═══ Data supplied
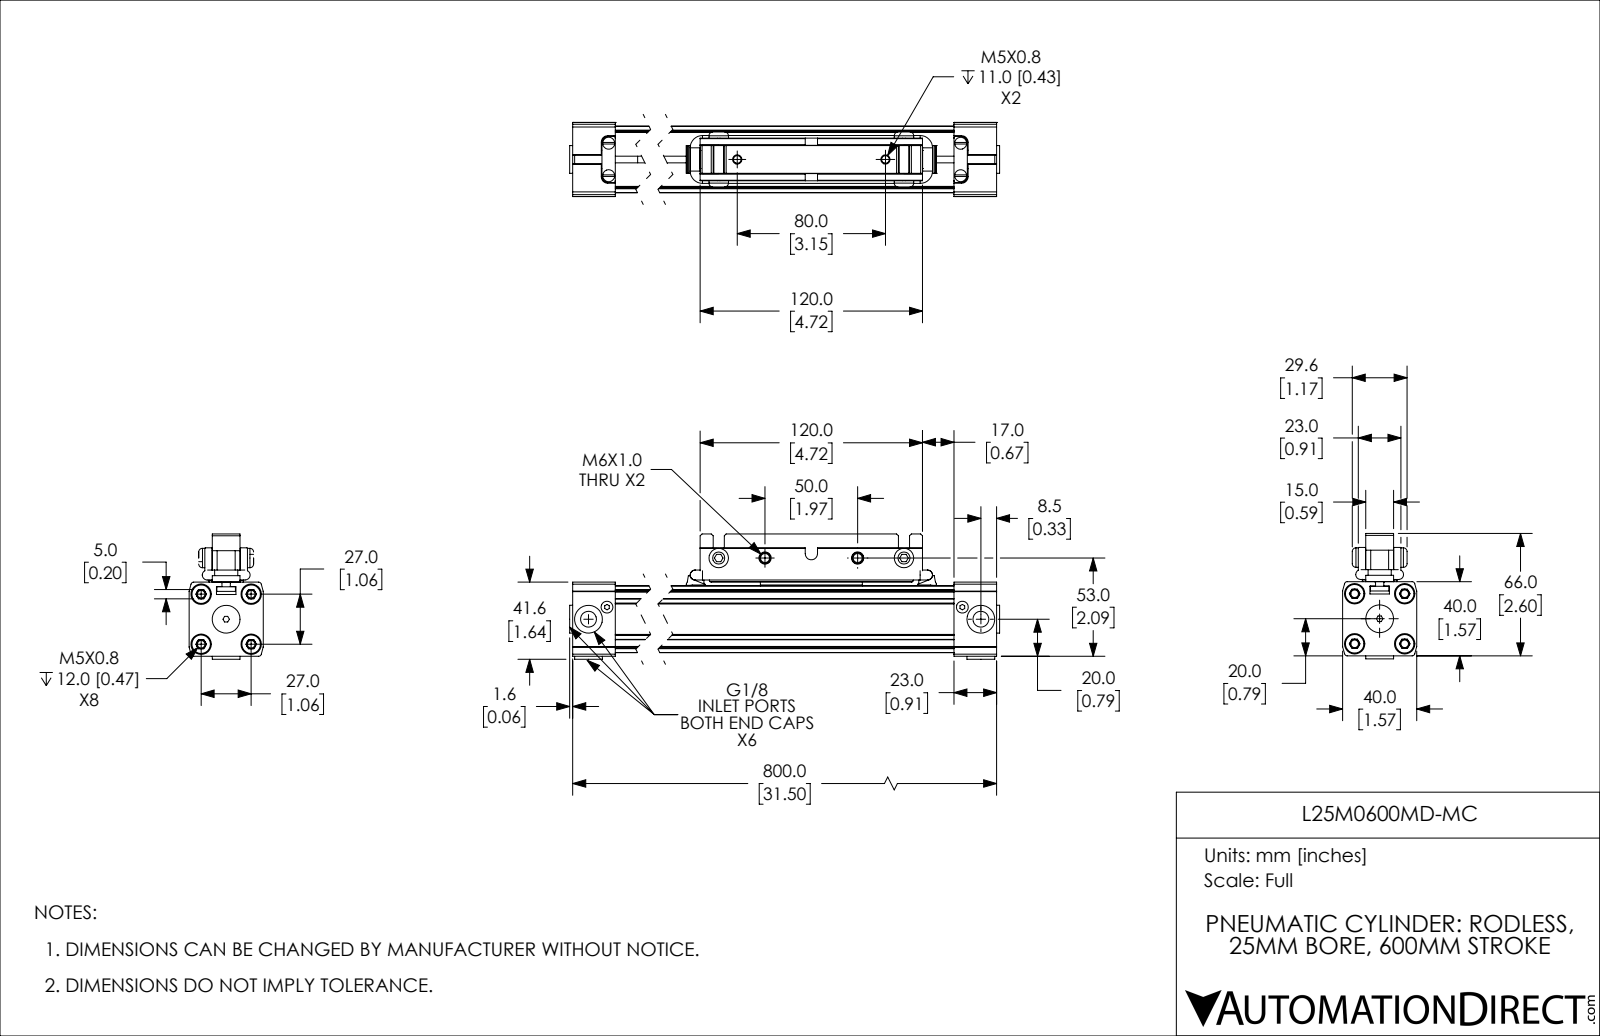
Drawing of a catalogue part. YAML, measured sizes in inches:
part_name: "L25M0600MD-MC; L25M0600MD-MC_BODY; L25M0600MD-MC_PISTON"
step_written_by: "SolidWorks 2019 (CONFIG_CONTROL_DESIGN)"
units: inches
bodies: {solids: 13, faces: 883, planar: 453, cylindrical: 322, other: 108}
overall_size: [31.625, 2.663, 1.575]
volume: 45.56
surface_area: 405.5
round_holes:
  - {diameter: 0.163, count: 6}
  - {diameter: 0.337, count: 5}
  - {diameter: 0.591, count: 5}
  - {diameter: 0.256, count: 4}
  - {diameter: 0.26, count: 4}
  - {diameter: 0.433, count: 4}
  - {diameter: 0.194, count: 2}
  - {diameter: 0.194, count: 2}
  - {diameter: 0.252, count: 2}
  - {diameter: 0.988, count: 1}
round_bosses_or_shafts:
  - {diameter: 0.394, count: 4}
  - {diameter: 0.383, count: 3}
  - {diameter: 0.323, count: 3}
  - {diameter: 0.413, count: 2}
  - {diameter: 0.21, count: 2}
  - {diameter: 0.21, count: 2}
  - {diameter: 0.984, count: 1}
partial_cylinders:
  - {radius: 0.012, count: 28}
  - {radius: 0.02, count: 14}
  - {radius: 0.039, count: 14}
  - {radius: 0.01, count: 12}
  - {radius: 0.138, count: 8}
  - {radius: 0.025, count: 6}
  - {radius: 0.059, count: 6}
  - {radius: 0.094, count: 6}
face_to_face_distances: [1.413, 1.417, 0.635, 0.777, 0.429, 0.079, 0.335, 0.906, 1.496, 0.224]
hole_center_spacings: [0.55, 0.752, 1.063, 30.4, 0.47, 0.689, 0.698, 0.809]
══════
*Task to carry out*
Transcribe the records above exactly and drop every picture.

*Answer to the problem*
Drawing of a catalogue part. YAML, measured sizes in inches:
part_name: "L25M0600MD-MC; L25M0600MD-MC_BODY; L25M0600MD-MC_PISTON"
step_written_by: "SolidWorks 2019 (CONFIG_CONTROL_DESIGN)"
units: inches
bodies: {solids: 13, faces: 883, planar: 453, cylindrical: 322, other: 108}
overall_size: [31.625, 2.663, 1.575]
volume: 45.56
surface_area: 405.5
round_holes:
  - {diameter: 0.163, count: 6}
  - {diameter: 0.337, count: 5}
  - {diameter: 0.591, count: 5}
  - {diameter: 0.256, count: 4}
  - {diameter: 0.26, count: 4}
  - {diameter: 0.433, count: 4}
  - {diameter: 0.194, count: 2}
  - {diameter: 0.194, count: 2}
  - {diameter: 0.252, count: 2}
  - {diameter: 0.988, count: 1}
round_bosses_or_shafts:
  - {diameter: 0.394, count: 4}
  - {diameter: 0.383, count: 3}
  - {diameter: 0.323, count: 3}
  - {diameter: 0.413, count: 2}
  - {diameter: 0.21, count: 2}
  - {diameter: 0.21, count: 2}
  - {diameter: 0.984, count: 1}
partial_cylinders:
  - {radius: 0.012, count: 28}
  - {radius: 0.02, count: 14}
  - {radius: 0.039, count: 14}
  - {radius: 0.01, count: 12}
  - {radius: 0.138, count: 8}
  - {radius: 0.025, count: 6}
  - {radius: 0.059, count: 6}
  - {radius: 0.094, count: 6}
face_to_face_distances: [1.413, 1.417, 0.635, 0.777, 0.429, 0.079, 0.335, 0.906, 1.496, 0.224]
hole_center_spacings: [0.55, 0.752, 1.063, 30.4, 0.47, 0.689, 0.698, 0.809]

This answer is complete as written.